An understandable omission in the Ofcom Com Doc analysis is what the mobile operators would be expected to pay for the 700 MHz spectrum at an auction. This is likely to have a big impact on the cost benefit analysis. The 800 MHz spectrum fetched around £1.5 billion. A reasonable assumption is that a a similar amount would be raised for the 700 MHz spectrum if Ofcom set out to maximise auction revenues. But such a sum would wipe out the entire £480m-£770m savings Ofcom claim the mobile industry can make from releasing the 700 MHz for mobile use. The mobile industry investment capacity is getting more and more stretched and what limited money they have would be far better spent on new base stations than on spectrum auction fees.

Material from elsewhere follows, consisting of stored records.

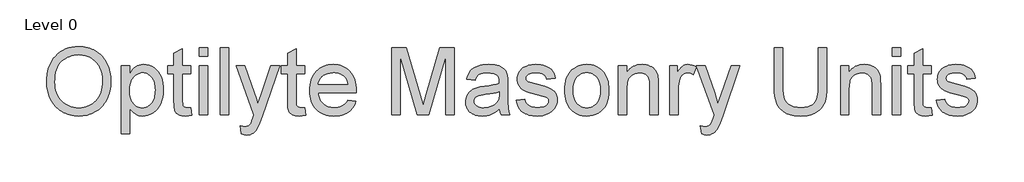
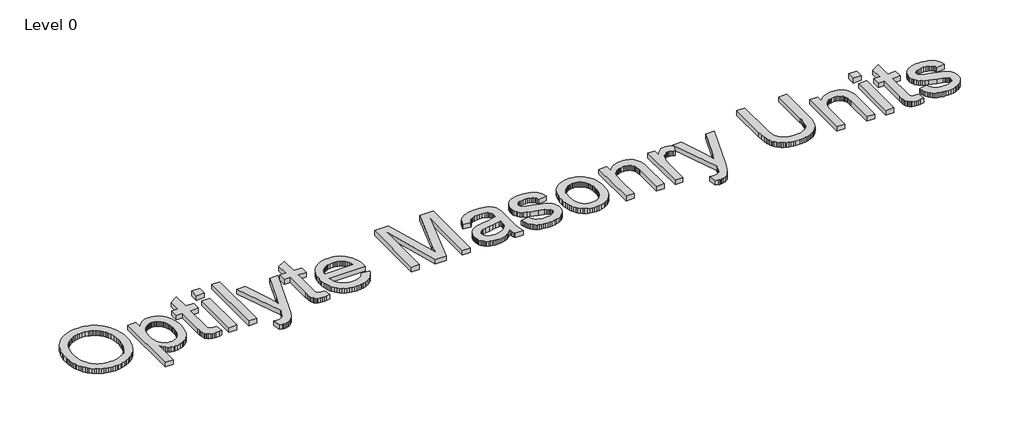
# One storey, part 4 of 4: 1 proxy.
"""IFC4 building model written with IfcOpenShell, lengths in millimetres."""

from ifc_helpers import new_model, si_unit, origin, origin_with_axes, place, context, project, spatial, polyline, outline, extrude, element, save

model = new_model("IFC4")

# Units and contexts
model_context = context("Model", 3, world=origin())
ifc_project = project(units=[si_unit("LENGTHUNIT", "METRE", prefix="MILLI")], contexts=[model_context])

# Site, building, storey
site = spatial("IfcSite", under=ifc_project)
building = spatial("IfcBuilding", under=site)
storey = spatial("IfcBuildingStorey", under=building, Name="Level 0", Elevation=0.0)

# Proxy
placement = place(None, origin())
element("IfcBuildingElementProxy", 1, Name="2000", ObjectType="2000", at=placement, inside=storey, context=model_context, shape_type="SweptSolid", body=[
    extrude(outline(polyline([(-39681.6982349, 28687.2945402), (-39677.6207992, 28805.3982856), (-39665.3884922, 28916.9154042), (-39645.0013139, 29021.8458959), (-39616.4592643, 29120.1897608), (-39579.7623433, 29211.9469989), (-39534.9105511, 29297.1176101), (-39481.9038875, 29375.7015945), (-39420.7423525, 29447.698952), (-39353.1360795, 29512.1089934), (-39280.7952018, 29567.9310292), (-39203.7197193, 29615.1650595), (-39121.9096319, 29653.8110844), (-39035.3649398, 29683.8691037), (-38944.085643, 29705.3391174), (-38848.0717413, 29718.2211257), (-38747.3232349, 29722.5151285), (-38680.6429729, 29720.4988141), (-38615.6205694, 29714.4498711), (-38552.2560244, 29704.3682994), (-38490.5493378, 29690.2540991), (-38430.5005097, 29672.10727), (-38372.10954, 29649.9278123), (-38315.3764288, 29623.7157259), (-38260.3011761, 29593.4710108), (-38207.667904, 29559.6193334), (-38158.2607349, 29522.5863601), (-38112.0796687, 29482.3720908), (-38069.1247055, 29438.9765255), (-38029.3958452, 29392.3996643), (-37992.8930878, 29342.6415072), (-37959.6164334, 29289.702054), (-37929.5658819, 29233.5813049), (-37902.9057257, 29174.8990899), (-37879.8002569, 29114.2752388), (-37860.2494757, 29051.7097516), (-37844.2533819, 28987.2026285), (-37831.8119757, 28920.7538693), (-37822.9252569, 28852.3634741), (-37817.5932257, 28782.0314428), (-37815.8158819, 28709.7577755), (-37817.6865736, 28636.5356937), (-37823.2986485, 28565.2701836), (-37832.6521067, 28495.9612452), (-37845.7469481, 28428.6088785), (-37862.5831728, 28363.2130834), (-37883.1607808, 28299.7738601), (-37907.4797721, 28238.2912084), (-37935.5401466, 28178.7651285), (-37967.0319895, 28121.9946781), (-38001.6453856, 28068.7789152), (-38039.3803351, 28019.1178399), (-38080.2368378, 27973.011452), (-38124.2148939, 27930.4597516), (-38171.3145033, 27891.4627388), (-38221.5356659, 27856.0204134), (-38274.8783819, 27824.1327755), (-38330.3232923, 27795.9043748), (-38386.8510382, 27771.4397608), (-38444.4616195, 27750.7389336), (-38503.1550363, 27733.8018932), (-38562.9312886, 27720.6286395), (-38623.7903764, 27711.2191726), (-38685.7322997, 27705.5734924), (-38748.7570584, 27703.6915991), (-38816.6695125, 27705.77139), (-38882.7598158, 27712.0107627), (-38947.0279683, 27722.4097172), (-39009.4739702, 27736.9682535), (-39070.0978213, 27755.6863716), (-39128.8995216, 27778.5640715), (-39185.8790713, 27805.6013532), (-39241.0364702, 27836.7982167), (-39293.6398709, 27871.5908408), (-39342.9574261, 27909.4154042), (-39388.9891356, 27950.271907), (-39431.7349996, 27994.1603491), (-39471.195018, 28041.0807305), (-39507.3691908, 28091.0330513), (-39540.257518, 28144.0173114), (-39569.8599996, 28200.0335108), (-39596.072086, 28257.9876124), (-39618.7892275, 28316.7855788), (-39638.0114242, 28376.4274102), (-39653.7386761, 28436.9131064), (-39665.970983, 28498.2426675), (-39674.7083452, 28560.4160935), (-39679.9507625, 28623.4333845), (-39681.6982349, 28687.2945402)]), holes=[polyline([(-39436.9923525, 28684.9048344), (-39433.9342758, 28601.5115669), (-39424.7600455, 28522.6736763), (-39409.4696618, 28448.3911625), (-39388.0631246, 28378.6640255), (-39360.5404339, 28313.4922654), (-39326.9015897, 28252.8758822), (-39287.146592, 28196.8148757), (-39241.2754408, 28145.3092461), (-39190.7891701, 28099.1580513), (-39137.1888139, 28059.1603491), (-39080.4743723, 28025.3161395), (-39020.6458452, 27997.6254226), (-38957.7032326, 27976.0881983), (-38891.6465345, 27960.7044667), (-38822.475751, 27951.4742277), (-38750.1908819, 27948.3974814), (-38676.5842068, 27951.5040991), (-38606.3156522, 27960.823952), (-38539.3852179, 27976.3570402), (-38475.792904, 27998.1033638), (-38415.5387105, 28026.0629226), (-38358.6226375, 28060.2357167), (-38305.0446848, 28100.6217461), (-38254.8048525, 28147.2210108), (-38209.2697537, 28199.5331662), (-38169.8060014, 28257.0578674), (-38136.4135956, 28319.7951147), (-38109.0925363, 28387.7449079), (-38087.8428236, 28460.907247), (-38072.6644573, 28539.2821322), (-38063.5574375, 28622.8695632), (-38060.5217643, 28711.6695402), (-38065.7193746, 28823.6571322), (-38081.3122055, 28928.2963785), (-38107.3002569, 29025.5872792), (-38143.683529, 29115.5298344), (-38165.672557, 29157.450503), (-38190.0587588, 29196.9441266), (-38216.8421342, 29234.0107052), (-38246.0226834, 29268.6502388), (-38277.6004063, 29300.8627273), (-38311.5753029, 29330.6481708), (-38347.9473732, 29358.0065692), (-38386.7166172, 29382.9379226), (-38427.3005442, 29405.173389), (-38469.1166632, 29424.4441266), (-38512.1649743, 29440.7501354), (-38556.4454775, 29454.0914152), (-38648.7030602, 29471.8797884), (-38745.8894113, 29477.8092461), (-38815.3925134, 29474.9528008), (-38882.4312312, 29466.3834649), (-38947.0055648, 29452.1012383), (-39009.1155143, 29432.1061211), (-39068.7610795, 29406.3981133), (-39125.9422606, 29374.9772149), (-39180.6590575, 29337.8434258), (-39232.9114702, 29294.9967461), (-39280.742927, 29245.4738256), (-39322.1968562, 29188.3113141), (-39357.2732579, 29123.5092117), (-39385.9721319, 29051.0675182), (-39408.2934784, 28970.9862337), (-39424.2372974, 28883.2653583), (-39433.8035887, 28787.9048918), (-39436.9923525, 28684.9048344)])]), origin_with_axes(), (0.0, 0.0, 1.0), 150.0),
    extrude(outline(polyline([(-37509.933529, 27183.6915991), (-37509.933529, 29171.9268932), (-37265.2276466, 29171.9268932), (-37265.2276466, 28932.0004226), (-37226.5144113, 28995.4023068), (-37185.4114702, 29050.3506064), (-37141.9188231, 29096.8453215), (-37096.0364702, 29134.886452), (-37046.4500731, 29164.473998), (-36991.8452937, 29185.6079594), (-36932.2221319, 29198.2883362), (-36867.5805878, 29202.5151285), (-36782.2382165, 29196.6006064), (-36702.0934555, 29178.8570402), (-36663.9701788, 29165.5493656), (-36627.1463047, 29149.2844299), (-36591.6218332, 29130.0622333), (-36557.3967643, 29107.8827755), (-36524.8519573, 29083.0148987), (-36494.3682716, 29055.7274447), (-36439.5842643, 28993.8938049), (-36393.0447422, 28922.3818564), (-36354.7497055, 28841.1915991), (-36324.8485106, 28753.101066), (-36303.4905143, 28660.8882902), (-36290.6757165, 28564.5532719), (-36286.4041172, 28464.0960108), (-36291.228336, 28356.6936671), (-36305.7009922, 28254.8175182), (-36329.822086, 28158.4675641), (-36363.5916172, 28067.6438049), (-36406.5465805, 27984.7210108), (-36431.294972, 27947.1130145), (-36458.2239702, 27912.073952), (-36487.333575, 27879.6038233), (-36518.6237863, 27849.7026285), (-36552.0946044, 27822.3703674), (-36587.746029, 27797.6070402), (-36662.2003029, 27756.5190347), (-36738.5962128, 27727.1704594), (-36816.9337588, 27709.5613141), (-36897.2129408, 27703.6915991), (-36954.9691448, 27707.6196781), (-37009.7083452, 27719.4039152), (-37061.4305419, 27739.0443105), (-37110.1357349, 27766.5408638), (-37155.2264977, 27800.0415531), (-37196.105404, 27837.6943564), (-37232.7724536, 27879.4992737), (-37265.2276466, 27925.4563049), (-37265.2276466, 27183.6915991), (-37509.933529, 27183.6915991)]), holes=[polyline([(-37265.2276466, 28441.6327755), (-37263.5735221, 28380.6056616), (-37258.6111485, 28323.7007902), (-37250.3405258, 28270.9181616), (-37238.761654, 28222.2577755), (-37223.8745331, 28177.7196322), (-37205.6791632, 28137.3037314), (-37184.1755442, 28101.0100733), (-37159.3636761, 28068.8386579), (-37132.1919734, 28040.6102572), (-37103.6088507, 28016.1456432), (-37073.6143079, 27995.444816), (-37042.2083452, 27978.5077755), (-37009.3909624, 27965.3345219), (-36975.1621595, 27955.9250549), (-36939.5219366, 27950.2793748), (-36902.4702937, 27948.3974814), (-36864.9183061, 27950.3465853), (-36828.7329316, 27956.1938969), (-36793.9141701, 27965.9394162), (-36760.4620216, 27979.5831432), (-36728.3764863, 27997.1250779), (-36697.6575639, 28018.5652204), (-36668.3052546, 28043.9035706), (-36640.3195584, 28073.1401285), (-36614.7235681, 28106.4690577), (-36592.5403764, 28144.0845219), (-36573.7699835, 28185.9865209), (-36558.4123893, 28232.1750549), (-36546.4675938, 28282.6501239), (-36537.935597, 28337.4117277), (-36532.8163989, 28396.4598665), (-36531.1099996, 28459.7945402), (-36532.7753259, 28520.2092921), (-36537.7713047, 28576.7109005), (-36546.0979362, 28629.2993656), (-36557.7552202, 28677.9746873), (-36572.7431568, 28722.7368656), (-36591.0617459, 28763.5859005), (-36612.7109876, 28800.5217921), (-36637.6908819, 28833.5445402), (-36664.9858038, 28862.6690807), (-36693.5801283, 28887.9103491), (-36723.4738553, 28909.2683454), (-36754.6669849, 28926.7430697), (-36787.159517, 28940.3345219), (-36820.9514518, 28950.042702), (-36856.0427891, 28955.8676101), (-36892.433529, 28957.8092461), (-36928.5890322, 28955.7443909), (-36963.6915713, 28949.5498252), (-36997.7411462, 28939.225549), (-37030.7377569, 28924.7715623), (-37062.6814035, 28906.1878651), (-37093.572086, 28883.4744575), (-37123.4098043, 28856.6313394), (-37152.1945584, 28825.6585108), (-37178.6866885, 28790.7501354), (-37201.6465345, 28752.1003766), (-37221.0740966, 28709.7092346), (-37236.9693746, 28663.5767094), (-37249.3323686, 28613.7028008), (-37258.1630786, 28560.087509), (-37263.4615046, 28502.7308339), (-37265.2276466, 28441.6327755)])]), origin_with_axes(), (0.0, 0.0, 1.0), 150.0),
    extrude(outline(polyline([(-35491.1099996, 27938.3607167), (-35460.5217643, 27727.1107167), (-35557.4243378, 27709.5463785), (-35643.5732349, 27703.6915991), (-35706.0341724, 27706.2306616), (-35761.027279, 27713.8478491), (-35808.5525547, 27726.5431616), (-35848.6099996, 27744.3165991), (-35882.2451099, 27766.2122792), (-35910.5033819, 27791.2743197), (-35933.3848158, 27819.5027204), (-35950.8894113, 27850.8974814), (-35963.8535658, 27892.9861763), (-35973.1136761, 27953.2963785), (-35978.6697422, 28031.828088), (-35980.5217643, 28128.5813049), (-35980.5217643, 28927.2210108), (-36164.0511761, 28927.2210108), (-36164.0511761, 29171.9268932), (-35980.5217643, 29171.9268932), (-35980.5217643, 29521.3018932), (-35735.8158819, 29665.1621873), (-35735.8158819, 29171.9268932), (-35491.1099996, 29171.9268932), (-35491.1099996, 28927.2210108), (-35735.8158819, 28927.2210108), (-35735.8158819, 28135.7504226), (-35732.589779, 28055.2173344), (-35728.5571503, 28028.0344299), (-35722.9114702, 28009.573952), (-35706.0043011, 27984.3028123), (-35681.0916172, 27964.886452), (-35645.7837128, 27952.5197241), (-35597.6908819, 27948.3974814), (-35550.9721319, 27945.8882902), (-35491.1099996, 27938.3607167)])), origin_with_axes(), (0.0, 0.0, 1.0), 150.0),
    extrude(outline(polyline([(-35246.4041172, 27734.2798344), (-35246.4041172, 29171.9268932), (-35001.6982349, 29171.9268932), (-35001.6982349, 27734.2798344), (-35246.4041172, 27734.2798344)])), origin_with_axes(), (0.0, 0.0, 1.0), 150.0),
    extrude(outline(polyline([(-35246.4041172, 29447.2210108), (-35246.4041172, 29691.9268932), (-35001.6982349, 29691.9268932), (-35001.6982349, 29447.2210108), (-35246.4041172, 29447.2210108)])), origin_with_axes(), (0.0, 0.0, 1.0), 150.0),
    extrude(outline(polyline([(-34634.6394113, 27734.2798344), (-34634.6394113, 29691.9268932), (-34389.933529, 29691.9268932), (-34389.933529, 27734.2798344), (-34634.6394113, 27734.2798344)])), origin_with_axes(), (0.0, 0.0, 1.0), 150.0),
    extrude(outline(polyline([(-34022.8747055, 27183.6915991), (-34053.4629408, 27419.3165991), (-33986.7901466, 27403.1860844), (-33929.1982349, 27397.8092461), (-33894.6968562, 27399.4969759), (-33863.839779, 27404.5601652), (-33836.6270033, 27412.9988141), (-33813.058529, 27424.8129226), (-33792.2979591, 27439.6440347), (-33773.5088966, 27457.1336947), (-33741.8452937, 27500.0886579), (-33714.8416172, 27563.2963785), (-33674.933529, 27680.2724814), (-33655.8158819, 27739.5371873), (-34175.8158819, 29171.9268932), (-33917.7276466, 29171.9268932), (-33641.9555878, 28373.7651285), (-33591.1743378, 28217.9563049), (-33545.8894113, 28054.5004226), (-33449.8232349, 28336.4857167), (-33166.4041172, 29171.9268932), (-32910.2276466, 29171.9268932), (-33410.6320584, 27699.8680697), (-33484.9519113, 27504.1511579), (-33540.6320584, 27380.6033638), (-33572.8034738, 27325.7297424), (-33607.1853672, 27278.6824079), (-33643.7777386, 27239.4613601), (-33682.5805878, 27208.0665991), (-33724.4303121, 27184.0201836), (-33770.1633084, 27166.8441726), (-33819.7795768, 27156.538566), (-33873.2791172, 27153.1033638), (-33907.7207533, 27155.0151285), (-33944.1338966, 27160.7504226), (-34022.8747055, 27183.6915991)])), origin_with_axes(), (0.0, 0.0, 1.0), 150.0),
    extrude(outline(polyline([(-32187.5805878, 27938.3607167), (-32156.9923525, 27727.1107167), (-32253.8949261, 27709.5463785), (-32340.0438231, 27703.6915991), (-32402.5047606, 27706.2306616), (-32457.4978672, 27713.8478491), (-32505.023143, 27726.5431616), (-32545.0805878, 27744.3165991), (-32578.7156981, 27766.2122792), (-32606.9739702, 27791.2743197), (-32629.855404, 27819.5027204), (-32647.3599996, 27850.8974814), (-32660.324154, 27892.9861763), (-32669.5842643, 27953.2963785), (-32675.1403305, 28031.828088), (-32676.9923525, 28128.5813049), (-32676.9923525, 28927.2210108), (-32860.5217643, 28927.2210108), (-32860.5217643, 29171.9268932), (-32676.9923525, 29171.9268932), (-32676.9923525, 29521.3018932), (-32432.2864702, 29665.1621873), (-32432.2864702, 29171.9268932), (-32187.5805878, 29171.9268932), (-32187.5805878, 28927.2210108), (-32432.2864702, 28927.2210108), (-32432.2864702, 28135.7504226), (-32429.0603672, 28055.2173344), (-32425.0277386, 28028.0344299), (-32419.3820584, 28009.573952), (-32402.4748893, 27984.3028123), (-32377.5622055, 27964.886452), (-32342.2543011, 27952.5197241), (-32294.1614702, 27948.3974814), (-32247.4427202, 27945.8882902), (-32187.5805878, 27938.3607167)])), origin_with_axes(), (0.0, 0.0, 1.0), 150.0),
    extrude(outline(polyline([(-30936.3305878, 28162.5151285), (-30696.4041172, 28131.9268932), (-30713.1880671, 28082.4525136), (-30733.1906522, 28035.8308454), (-30756.4118723, 27992.0618886), (-30782.8517275, 27951.1456432), (-30812.5102179, 27913.0821092), (-30845.3873433, 27877.8712866), (-30881.4831039, 27845.5131754), (-30920.7974996, 27816.0077755), (-30963.1363668, 27789.6836717), (-31008.3055419, 27766.8694483), (-31056.3050249, 27747.5651055), (-31107.1348158, 27731.7706432), (-31160.7949146, 27719.4860614), (-31217.2853213, 27710.7113601), (-31276.6060359, 27705.4465393), (-31338.7570584, 27703.6915991), (-31416.7436163, 27706.7198045), (-31490.5929959, 27715.8044208), (-31560.3051972, 27730.9454479), (-31625.8802202, 27752.1428858), (-31687.3180648, 27779.3967346), (-31744.6187312, 27812.7069943), (-31797.7822193, 27852.0736648), (-31846.808529, 27897.4967461), (-31890.831392, 27948.3862797), (-31928.98454, 28004.1523068), (-31961.2679729, 28064.7948275), (-31987.6816908, 28130.3138417), (-32008.2256935, 28200.7093495), (-32022.8999812, 28275.9813509), (-32031.7045538, 28356.1298458), (-32034.6394113, 28441.1548344), (-32031.6746825, 28529.0736073), (-32022.7804959, 28611.929191), (-32007.9568516, 28689.7215853), (-31987.2037496, 28762.4507902), (-31960.5211898, 28830.1168059), (-31927.9091724, 28892.7196322), (-31889.3676972, 28950.2592691), (-31844.8967643, 29002.7357167), (-31795.6986944, 29049.5590163), (-31742.9758084, 29090.1392094), (-31686.7281062, 29124.4762958), (-31626.9555878, 29152.5702755), (-31563.6582533, 29174.4211487), (-31496.8361025, 29190.0289152), (-31426.4891356, 29199.3935752), (-31352.6173525, 29202.5151285), (-31281.1614127, 29199.401043), (-31213.0435933, 29190.0587866), (-31148.2638943, 29174.4883592), (-31086.8223158, 29152.6897608), (-31028.7188576, 29124.6629915), (-30973.9535198, 29090.4080513), (-30922.5263024, 29049.9249401), (-30874.4372055, 29003.2136579), (-30830.918421, 28950.8566956), (-30793.2021411, 28893.4365439), (-30761.2883659, 28830.9532029), (-30735.1770952, 28763.4066726), (-30714.8683291, 28690.7969529), (-30700.3620676, 28613.1240439), (-30691.6583107, 28530.3879456), (-30688.7570584, 28442.5886579), (-30690.1908819, 28376.6327755), (-31789.933529, 28376.6327755), (-31784.5977638, 28326.2921276), (-31775.759586, 28278.9834189), (-31763.4189954, 28234.7066496), (-31747.5759922, 28193.4618197), (-31728.2305763, 28155.248929), (-31705.3827477, 28120.0679777), (-31679.0325065, 28087.9189658), (-31649.1798525, 28058.8018932), (-31616.6014403, 28032.9258592), (-31582.0739242, 28010.499963), (-31545.5973043, 27991.5242048), (-31507.1715805, 27975.9985844), (-31466.7967528, 27963.9231018), (-31424.4728213, 27955.2977572), (-31380.1997859, 27950.1225504), (-31333.9776466, 27948.3974814), (-31266.2892275, 27951.593713), (-31203.7386761, 27961.1824079), (-31146.3259922, 27977.163566), (-31094.0511761, 27999.5371873), (-31046.9142275, 28028.9006983), (-31004.9151466, 28065.8515255), (-30968.0539334, 28110.3896689), (-30936.3305878, 28162.5151285)]), holes=[polyline([(-31789.933529, 28621.3386579), (-30933.4629408, 28621.3386579), (-30946.038768, 28690.5803858), (-30966.5603672, 28750.6217461), (-30995.0277386, 28801.4627388), (-31031.4408819, 28843.1033638), (-31063.6571044, 28869.9875549), (-31098.1734187, 28893.2871873), (-31134.989825, 28913.0022608), (-31174.1063231, 28929.1327755), (-31215.5229132, 28941.6787314), (-31259.2395952, 28950.6401285), (-31305.2563691, 28956.0169667), (-31353.5732349, 28957.8092461), (-31439.6175823, 28952.0888877), (-31518.5226834, 28934.9278123), (-31555.2980166, 28922.0570058), (-31590.2885382, 28906.32602), (-31623.4942482, 28887.734855), (-31654.9151466, 28866.2835108), (-31683.7372399, 28842.4349929), (-31709.1465345, 28816.6523068), (-31731.1430304, 28788.9354525), (-31749.7267275, 28759.2844299), (-31764.897626, 28727.6992392), (-31776.6557257, 28694.1798803), (-31785.0010267, 28658.7263532), (-31789.933529, 28621.3386579)])]), origin_with_axes(), (0.0, 0.0, 1.0), 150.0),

This could be accomplished by Ofcom linking the release of 700 MHz to a carefully calibrated coverage obligation of capacity filling of the data capacity valley floors where we know the spectrum crunch will be most acute. The areas are readily defined as it is where there is no existing site diversity and is most likely to be in semi-urban/semi-rural areas. Such a coverage obligation would inevitably be reflected in lower bids for spectrum. In this way the mobile industry would be investing in base station diversity and not in spectrum auction fees.

The “clean spectrum” approach with no obligations looks good  in an auction prospectus but is likely to fall well short on delivering the greatest economic value for the 700 MHz spectrum. A more pragmatic approach offers considerable scope for much more gain and much less pain.  Higher performing mobile broadband networks demands more spectrum sharing and less site sharing (more site diversity). Current regulatory policy and economic pressures are driving the UK mobile industry in the reverse direction. It could prove hugely expensive to reverse out of this cul-de-sac a decade from now.  All the long term planners in the mobile industry know this. The 700 MHz spectrum release offers the country the opportunity for a radical and timely change of policy direction for the benefit of all.